Balatro and I had come to an agreement. I was only allowed to interact with it under certain conditions. I was almost free of its grasp again when I hit the cruelest scenario of all: Golden Needle. I was trapped in a prison of my own creation until I found a way to win.
Some context: I had previously banished Balatro from my personal computer. If it’s on there, like Vampire Survivors before it, work just doesn’t get done. I knew instinctively that the mobile version was going to be far more insidious, and largely resisted its call until I had a six-hour Thanksgiving train ride to my parents I needed to kill. So I allowed it back into my system under the condition that I delete it immediately from my phone after the holiday was over.

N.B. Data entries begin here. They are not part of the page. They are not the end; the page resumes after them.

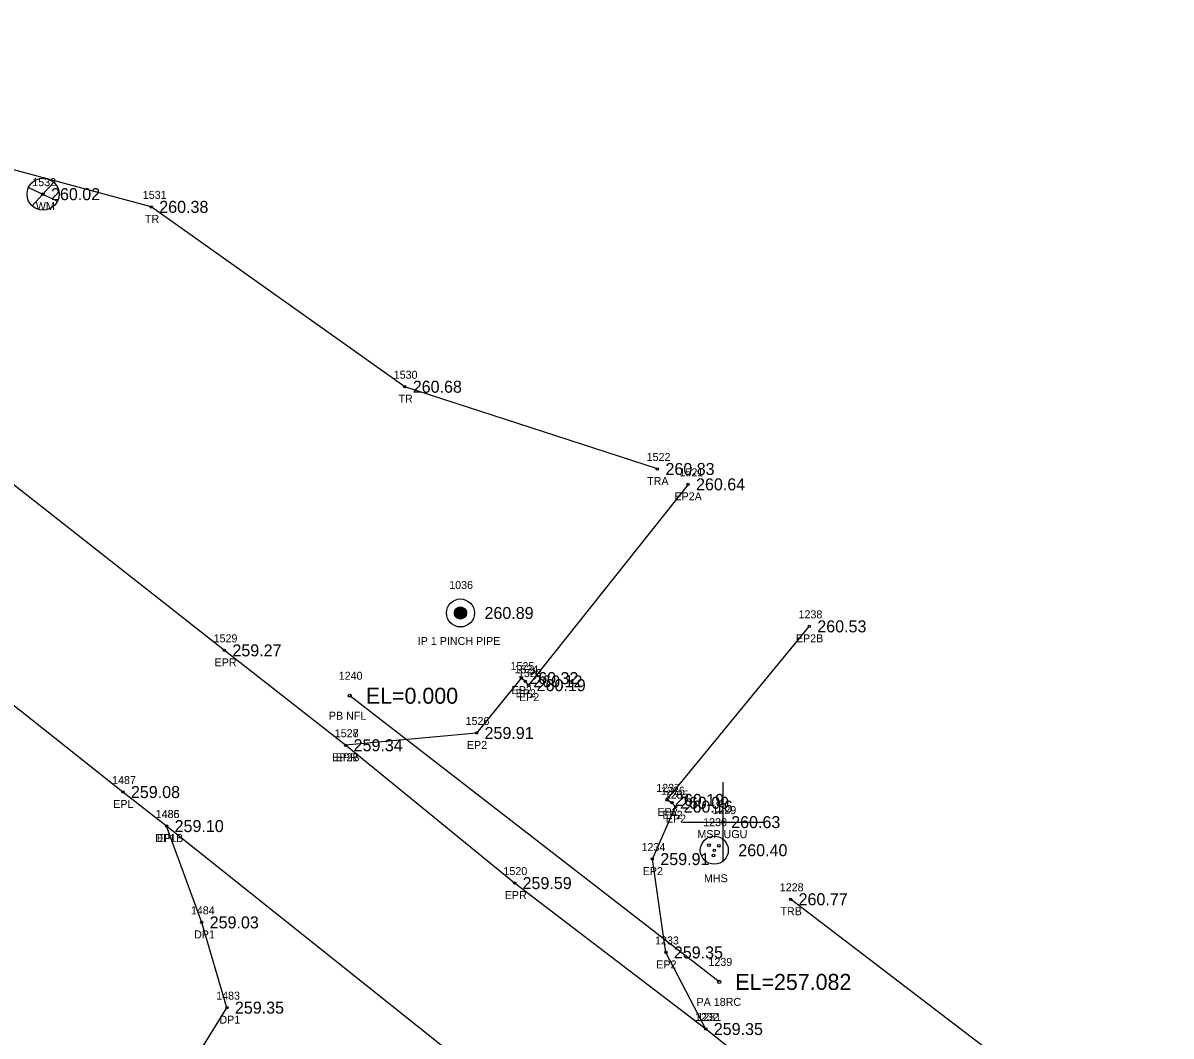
# Model space of a CAD drawing. Extents: x 1961231 to 1962574, y 799865 to 801120.
# Drawn here: x 1961710.5 to 1961853.9, y 800714.6 to 800841.2 of the extents above; entities that cross this region are included whole.
import ezdxf

# ---------------------------------------------------------------- set-up
doc = ezdxf.new("R2010")
doc.units = 0
for name, color, linetype in [('RD_EX_DR_Inlet', 7, 'Continuous'), ('RD_EX_DR_Pipe', 7, 'Continuous'), ('RD_EX_DR_Pipe_txCode', 7, 'Continuous'), ('RD_EX_Driveway', 7, 'Continuous'), ('RD_EX_Driveway_txCode', 7, 'Continuous'), ('RD_EX_DV_Prop_txCode', 7, 'Continuous'), ('RD_EX_DV_PropPin', 7, 'Continuous'), ('RD_EX_Misc', 7, 'Continuous'), ('RD_EX_Misc_txCode', 7, 'Continuous'), ('RD_EX_Road', 7, 'Continuous'), ('RD_EX_Road_txCode', 7, 'Continuous'), ('RD_EX_TX_Driveway_ELEV', 7, 'Continuous'), ('RD_EX_TX_DV_Prop_ELEV', 7, 'Continuous'), ('RD_EX_TX_Misc_ELEV', 7, 'Continuous'), ('RD_EX_TX_Road_ELEV', 7, 'Continuous'), ('RD_EX_TX_UT_ELEV', 7, 'Continuous'), ('RD_EX_TX_VEG_ELEV', 7, 'Continuous'), ('RD_EX_UT', 7, 'Continuous'), ('RD_EX_UT_txCode', 7, 'Continuous'), ('RD_EX_VEG', 7, 'Continuous'), ('RD_EX_VEG_txCode', 7, 'Continuous'), ('RD_SMD_Locator', 7, 'Continuous'), ('RD_TX_Pipe_ElevEX', 7, 'Continuous')]:
    doc.layers.add(name, color=color, linetype=linetype)

msp = doc.modelspace()

# ---------------------------------------------------------------- linework, layer by layer
at = {"layer": 'RD_EX_DR_Inlet'}
for centre, radius in [((1961796.83, 800737.84), 1.75), ((1961796.16, 800738.47), 0.175), ((1961797.39, 800738.4), 0.175), ((1961796.74, 800737.18), 0.175)]:
    msp.add_circle(centre, radius, dxfattribs=at)
at = {"layer": 'RD_EX_DR_Pipe'}
msp.add_line((1961797.45, 800721.38), (1961751.3, 800757.15), dxfattribs=at)
at = {"layer": 'RD_EX_Driveway'}
msp.add_lwpolyline([(1961801.42, 800682.57), (1961792.79, 800679.78), (1961785.2, 800682.11), (1961781.31, 800680.84), (1961776.43, 800674.97), (1961765.27, 800683.8), (1961771.82, 800693.99), (1961761.47, 800704.29), (1961751.75, 800711.21), (1961746.29, 800707.66), (1961742.29, 800702.88), (1961731.89, 800711.6), (1961735.94, 800718.16), (1961732.79, 800728.82), (1961728.41, 800740.86)], dxfattribs=at)
at = {"layer": 'RD_EX_DV_PropPin'}
for p, q in [((1961764.38, 800767.3), (1961764.38, 800767.69)), ((1961764.42, 800767.2), (1961764.42, 800767.79)), ((1961764.45, 800767.12), (1961764.45, 800767.86)), ((1961764.49, 800767.07), (1961764.49, 800767.92)), ((1961764.52, 800767.02), (1961764.52, 800767.97)), ((1961764.56, 800766.98), (1961764.56, 800768.01)), ((1961764.59, 800766.94), (1961764.59, 800768.05)), ((1961764.63, 800766.91), (1961764.63, 800768.08)), ((1961764.66, 800766.88), (1961764.66, 800768.1)), ((1961764.7, 800766.86), (1961764.7, 800768.13)), ((1961764.73, 800766.84), (1961764.73, 800768.15)), ((1961764.77, 800766.82), (1961764.77, 800768.17)), ((1961764.8, 800766.8), (1961764.8, 800768.19)), ((1961764.84, 800766.79), (1961764.84, 800768.2)), ((1961764.87, 800766.77), (1961764.87, 800768.21)), ((1961764.91, 800766.76), (1961764.91, 800768.23)), ((1961764.94, 800766.75), (1961764.94, 800768.24)), ((1961764.98, 800766.75), (1961764.98, 800768.24)), ((1961765.01, 800766.74), (1961765.01, 800768.25)), ((1961765.05, 800766.74), (1961765.05, 800768.25)), ((1961765.08, 800766.73), (1961765.08, 800768.25)), ((1961765.12, 800766.73), (1961765.12, 800768.26)), ((1961765.15, 800766.73), (1961765.15, 800768.25)), ((1961765.19, 800766.74), (1961765.19, 800768.25)), ((1961765.22, 800766.74), (1961765.22, 800768.25)), ((1961765.26, 800766.75), (1961765.26, 800768.24)), ((1961765.29, 800766.75), (1961765.29, 800768.24)), ((1961765.33, 800766.76), (1961765.33, 800768.23)), ((1961765.36, 800766.77), (1961765.36, 800768.21)), ((1961765.4, 800766.79), (1961765.4, 800768.2)), ((1961765.43, 800766.8), (1961765.43, 800768.19)), ((1961765.47, 800766.82), (1961765.47, 800768.17)), ((1961765.5, 800766.84), (1961765.5, 800768.15)), ((1961765.54, 800766.86), (1961765.54, 800768.13)), ((1961765.57, 800766.88), (1961765.57, 800768.1)), ((1961765.61, 800766.91), (1961765.61, 800768.08)), ((1961765.64, 800766.94), (1961765.64, 800768.05)), ((1961765.68, 800766.98), (1961765.68, 800768.01)), ((1961765.71, 800767.02), (1961765.71, 800767.97)), ((1961765.75, 800767.07), (1961765.75, 800767.92)), ((1961765.78, 800767.12), (1961765.78, 800767.86)), ((1961765.82, 800767.2), (1961765.82, 800767.79)), ((1961765.85, 800767.3), (1961765.85, 800767.69))]:
    msp.add_line(p, q, dxfattribs=at)
for radius in [1.75, 0.761]:
    msp.add_circle((1961765.12, 800767.49), radius, dxfattribs=at)
at = {"layer": 'RD_EX_Misc'}
for p, q in [((1961797.94, 800736.35), (1961797.94, 800746.35)), ((1961792.94, 800741.35), (1961802.94, 800741.35))]:
    msp.add_line(p, q, dxfattribs=at)
at = {"layer": 'RD_EX_Road'}
for points in [[(1962276.74, 800366.53), (1962275.76, 800367.28), (1962226.46, 800400.66), (1962183.05, 800429.73), (1962145.98, 800455.38), (1962104.4, 800484.06), (1962056.77, 800517.94), (1962023.95, 800541.05), (1961991.87, 800563.56), (1961983.89, 800569.94), (1961938.77, 800603.67), (1961913.43, 800623.83), (1961897.73, 800636.17), (1961851.62, 800671.61), (1961815.86, 800699.48), (1961795.77, 800715.49), (1961771.88, 800733.73), (1961750.77, 800750.96), (1961735.63, 800762.82), (1961702.92, 800788.52)], [(1961793.55, 800783.57), (1961773.63, 800758.47), (1961773.22, 800758.95), (1961772.71, 800759.35), (1961767.13, 800752.49), (1961750.77, 800750.96)], [(1962241.79, 800315.68), (1962238.35, 800317.6), (1962189.92, 800352.69), (1962151.64, 800383.49), (1962113.78, 800416.39), (1962074.11, 800451.29), (1962034.78, 800486.96), (1962017.07, 800503.17), (1961999.46, 800519.25), (1961962.48, 800552.12), (1961937.08, 800573.11), (1961923.19, 800584.9), (1961883.07, 800617.43), (1961838.29, 800653.43), (1961801.42, 800682.57), (1961728.41, 800740.86), (1961722.95, 800745.11), (1961689.13, 800771.93)], [(1961795.77, 800715.49), (1961790.78, 800725.06), (1961789.09, 800736.73), (1961791.99, 800743.29), (1961791.54, 800743.77), (1961790.92, 800744.13), (1961808.7, 800765.82)]]:
    msp.add_lwpolyline(points, dxfattribs=at)
at = {"layer": 'RD_EX_UT'}
for p, q in [((1961711.14, 800820.68), (1961714.77, 800818.97)), ((1961711.62, 800818.39), (1961714.29, 800821.28))]:
    msp.add_line(p, q, dxfattribs=at)
msp.add_circle((1961712.97, 800819.84), 2, dxfattribs=at)
at = {"layer": 'RD_EX_VEG'}
for points in [[(1961789.73, 800785.49), (1961758.16, 800795.77), (1961726.49, 800818.25), (1961689.15, 800828.3), (1961645.31, 800860.5), (1961608.13, 800895.26), (1961564.66, 800923.57), (1961511.61, 800961.39)], [(1961991.65, 800601.73), (1961952.54, 800620.78), (1961908.97, 800652.23), (1961862.96, 800688.46), (1961806.36, 800731.71)]]:
    msp.add_lwpolyline(points, dxfattribs=at)
at = {"layer": 'RD_SMD_Locator'}
for centre, radius in [((1961712.97, 800819.84), 0.15), ((1961726.49, 800818.25), 0.15), ((1961758.16, 800795.77), 0.15), ((1961789.73, 800785.49), 0.15), ((1961793.55, 800783.57), 0.15), ((1961765.12, 800767.49), 0.15), ((1961808.7, 800765.82), 0.15), ((1961735.63, 800762.82), 0.15), ((1961772.71, 800759.35), 0.15), ((1961773.22, 800758.95), 0.15), ((1961751.3, 800757.15), 0.2), ((1961773.63, 800758.47), 0.15), ((1961767.13, 800752.49), 0.15), ((1961750.77, 800750.96), 0.15), ((1961750.77, 800750.96), 0.15), ((1961722.95, 800745.11), 0.15), ((1961790.92, 800744.13), 0.15), ((1961791.54, 800743.77), 0.15), ((1961791.99, 800743.29), 0.15), ((1961797.94, 800741.35), 0.15), ((1961728.41, 800740.86), 0.15), ((1961728.41, 800740.86), 0.15), ((1961796.83, 800737.84), 0.15), ((1961789.09, 800736.73), 0.15), ((1961771.88, 800733.73), 0.15), ((1961806.36, 800731.71), 0.15), ((1961732.79, 800728.82), 0.15), ((1961790.78, 800725.06), 0.15), ((1961797.45, 800721.38), 0.2), ((1961735.94, 800718.16), 0.15), ((1961795.77, 800715.49), 0.15), ((1961795.77, 800715.49), 0.15)]:
    msp.add_circle(centre, radius, dxfattribs=at)

# ---------------------------------------------------------------- texts
at = {"layer": 'RD_EX_DR_Pipe_txCode'}
for s, p in [('1240', (1961749.91, 800759.15)), ('PB NFL', (1961748.68, 800754.15)), ('1239', (1961796.1, 800723.38)), ('PA 18RC', (1961794.61, 800718.38))]:
    msp.add_text(s, height=1, dxfattribs=at).set_placement(p)
at = {"layer": 'RD_EX_Driveway_txCode'}
for s, p in [('1485', (1961727.06, 800741.86)), ('DP1B', (1961726.99, 800738.86)), ('1484', (1961731.44, 800729.82)), ('DP1', (1961731.84, 800726.82)), ('1483', (1961734.6, 800719.16)), ('DP1', (1961735, 800716.16))]:
    msp.add_text(s, height=1, dxfattribs=at).set_placement(p)
at = {"layer": 'RD_EX_DV_Prop_txCode'}
for s, p in [('1036', (1961763.71, 800770.49)), ('IP 1 PINCH PIPE', (1961759.78, 800763.49))]:
    msp.add_text(s, height=1, dxfattribs=at).set_placement(p)
at = {"layer": 'RD_EX_Misc_txCode'}
for s, p in [('1229', (1961796.59, 800742.35)), ('MSP UGU', (1961794.72, 800739.35))]:
    msp.add_text(s, height=1, dxfattribs=at).set_placement(p)
at = {"layer": 'RD_EX_Road_txCode'}
for s, p in [('1521', (1961792.48, 800784.57)), ('EP2A', (1961791.85, 800781.57)), ('1238', (1961807.35, 800766.82)), ('1529', (1961734.28, 800763.82)), ('EP2B', (1961807.02, 800763.82)), ('EPR', (1961734.4, 800760.82)), ('1525', (1961771.37, 800760.35)), ('1524', (1961771.87, 800759.95)), ('1523', (1961772.29, 800759.47)), ('EP2', (1961771.51, 800757.35)), ('EP2', (1961772.01, 800756.95)), ('EP2', (1961772.43, 800756.47)), ('1526', (1961765.76, 800753.49)), ('1527', (1961749.42, 800751.96)), ('1528', (1961749.42, 800751.96)), ('EP2', (1961765.92, 800750.49)), ('EP2B', (1961749.09, 800748.96)), ('EPR', (1961749.54, 800748.96)), ('1487', (1961721.6, 800746.11)), ('1237', (1961789.58, 800745.13)), ('1236', (1961790.17, 800744.77)), ('1235', (1961790.64, 800744.29)), ('EPL', (1961721.74, 800743.11)), ('1486', (1961727.04, 800741.86)), ('EP2', (1961789.72, 800742.13)), ('EP2', (1961790.34, 800741.77)), ('EP2', (1961790.78, 800741.29)), ('EPL', (1961727.2, 800738.86)), ('1234', (1961787.74, 800737.73)), ('1520', (1961770.49, 800734.73)), ('EP2', (1961787.88, 800734.73)), ('EPR', (1961770.65, 800731.73)), ('1233', (1961789.43, 800726.06)), ('EP2', (1961789.58, 800723.06)), ('1232', (1961794.42, 800716.49)), ('1231', (1961794.71, 800716.49))]:
    msp.add_text(s, height=1, dxfattribs=at).set_placement(p)
at = {"layer": 'RD_EX_TX_Driveway_ELEV'}
for s, p in [('259.10', (1961729.41, 800740.11)), ('259.03', (1961733.79, 800728.07)), ('259.35', (1961736.94, 800717.41))]:
    msp.add_text(s, height=1.5, dxfattribs=at).set_placement(p)
at = {"layer": 'RD_EX_TX_DV_Prop_ELEV'}
msp.add_text('260.89', height=1.5, dxfattribs=at).set_placement((1961768.12, 800766.74))
at = {"layer": 'RD_EX_TX_Misc_ELEV'}
msp.add_text('260.63', height=1.5, dxfattribs=at).set_placement((1961798.94, 800740.6))
at = {"layer": 'RD_EX_TX_Road_ELEV'}
for s, p in [('260.64', (1961794.55, 800782.82)), ('260.53', (1961809.7, 800765.07)), ('259.27', (1961736.63, 800762.07)), ('260.32', (1961773.71, 800758.6)), ('260.12', (1961774.22, 800758.2)), ('260.19', (1961774.63, 800757.72)), ('259.91', (1961768.13, 800751.74)), ('259.34', (1961751.77, 800750.21)), ('259.34', (1961751.77, 800750.21)), ('259.08', (1961723.95, 800744.36)), ('260.19', (1961791.92, 800743.38)), ('260.09', (1961792.54, 800743.02)), ('260.16', (1961792.99, 800742.54)), ('259.10', (1961729.41, 800740.11)), ('259.91', (1961790.09, 800735.98)), ('259.59', (1961772.88, 800732.98)), ('259.35', (1961791.78, 800724.31)), ('259.35', (1961796.77, 800714.74)), ('259.35', (1961796.77, 800714.74))]:
    msp.add_text(s, height=1.5, dxfattribs=at).set_placement(p)
at = {"layer": 'RD_EX_TX_UT_ELEV'}
for s, p in [('260.02', (1961713.97, 800819.09)), ('260.40', (1961799.83, 800737.09))]:
    msp.add_text(s, height=1.5, dxfattribs=at).set_placement(p)
at = {"layer": 'RD_EX_TX_VEG_ELEV'}
for s, p in [('260.38', (1961727.49, 800817.5)), ('260.68', (1961759.16, 800795.02)), ('260.83', (1961790.73, 800784.74)), ('260.77', (1961807.36, 800730.96))]:
    msp.add_text(s, height=1.5, dxfattribs=at).set_placement(p)
at = {"layer": 'RD_EX_UT_txCode'}
for s, p in [('1532', (1961711.63, 800820.84)), ('WM', (1961712.07, 800817.84)), ('1230', (1961795.44, 800740.84)), ('MHS', (1961795.54, 800733.84))]:
    msp.add_text(s, height=1, dxfattribs=at).set_placement(p)
at = {"layer": 'RD_EX_VEG_txCode'}
for s, p in [('1531', (1961725.43, 800819.25)), ('TR', (1961725.7, 800816.25)), ('1530', (1961756.78, 800796.77)), ('TR', (1961757.37, 800793.77)), ('1522', (1961788.38, 800786.49)), ('TRA', (1961788.44, 800783.49)), ('1228', (1961805.01, 800732.71)), ('TRB', (1961805.09, 800729.71))]:
    msp.add_text(s, height=1, dxfattribs=at).set_placement(p)
at = {"layer": 'RD_TX_Pipe_ElevEX'}
for s, p in [('EL=0.000', (1961753.3, 800756.15)), ('EL=257.082', (1961799.45, 800720.38))]:
    msp.add_text(s, height=2, dxfattribs=at).set_placement(p)

doc.saveas('drawing.dxf')

This arrangement largely worked until I tried to reinstall the game for a Christmas train ride and found out that cloud saves were nonfunctional for a huge portion of users on iOS. This is a huge issue and you will see tons of pissed off reddit threads on the topic. All that progress I had previously was gone. Lucky, the developers were smart enough to include an option in the menu that lets you just unlock everything. The problem with that is that I am goal oriented when playing Balatro, and with nothing to unlock I decided to go after the 20 “challenges,” custom scenarios built into a special mode in the game.
Most of the challenges in Balatro are fun and fairly straightforward. The Rich Get Richer starts you off with $100 and vouchers that max out your interest, but limits your scorable chips to the amount of money you have. Medusa gives you a single, indestructible Marble Joker, which rapidly fills your deck with stone cards. Fragile gives you a deck of entirely glass cards and gives you two jokers that double all probabilities, which makes glass cards break every time. Each of these scenarios forces the player to work around the limitations of their deck and often upend how the game is played.
Challenges are fair for the most part until you get to the last three and the difficulty skyrockets tremendously. Cruelty forces you to operate at a disadvantage – small blinds and big blinds give no reward money. This sucks but is very reliably beatable. Jokerless forces the player to operate without jokers. This also sucks, but there are ways to get to the end without jokers – building on four of a kind or straights, which scale more aggressively. Of the three, Golden Needle is the cruelest.
Golden Needle starts you off with a Credit Card joker and $10, allowing you to go -$20 in debt. Each used discard costs you $1. You have six discards a round, and can only play one hand each round. Welcome to hell.
What makes Golden Needle so frustrating is that it is the scenario most dependent on random chance. You get past the first round by aggressively cycling through one of the few hands that can beat it – usually a high end straight, flush or full house. What you pull in the first shop determines how you must proceed, if you can at all.
Golden Needle also subtly changes the way you play the game. Certain MVP jokers that would carry you through the game, jokers that get stronger each hand like Ride The Bus or Spare Trousers, do not scale fast enough to account for the scenario. Conversely, other jokers that shine in a scenario with one hand and six discards become elevated in importance – jokers like Acrobat (which gives you a 3x multiplier on the final hand), Dusk (retriggers the final hand), Ice Cream (which gives you a massive chip bump but reduces every hand played) and Castle (gains +3 chips every time a specific suit is discarded).
The constant financial drain of discarding means maintaining a functioning economy becomes twice as hard, and you are forced to take a risk to pull yourself out of debt, or function exclusively in the negative. On top of this, certain boss blinds like The Mouth or The Needle become irrelevant, while others like The Water will destroy you outright. This unique combination of pure chance and elevated strategy mean that you not only have to be lucky, you also have to be good. Every round played is on a knife’s edge. One move and you are done.
That’s where I was for days: refusing to delete Balatro until I bested Golden Needle. Through a series of convoluted circumstances I engineered a prison of gaming that I could technically leave but refused to out of pride. I have gotten to the final round multiple times, only to come up short by inches. And this morning, as I was writing this, it finally happened. A combination of the Banner, Acrobat and Onyx Agate while focusing on juicing flushes (which is normally a bad idea but far more viable due to the number of discards in this specific scenario) carried me through to Ante 8. The joy I felt was sublime.
I love and hate you, Golden Needle, and now I have defeated you. Time to delete Balatro until my next train ride.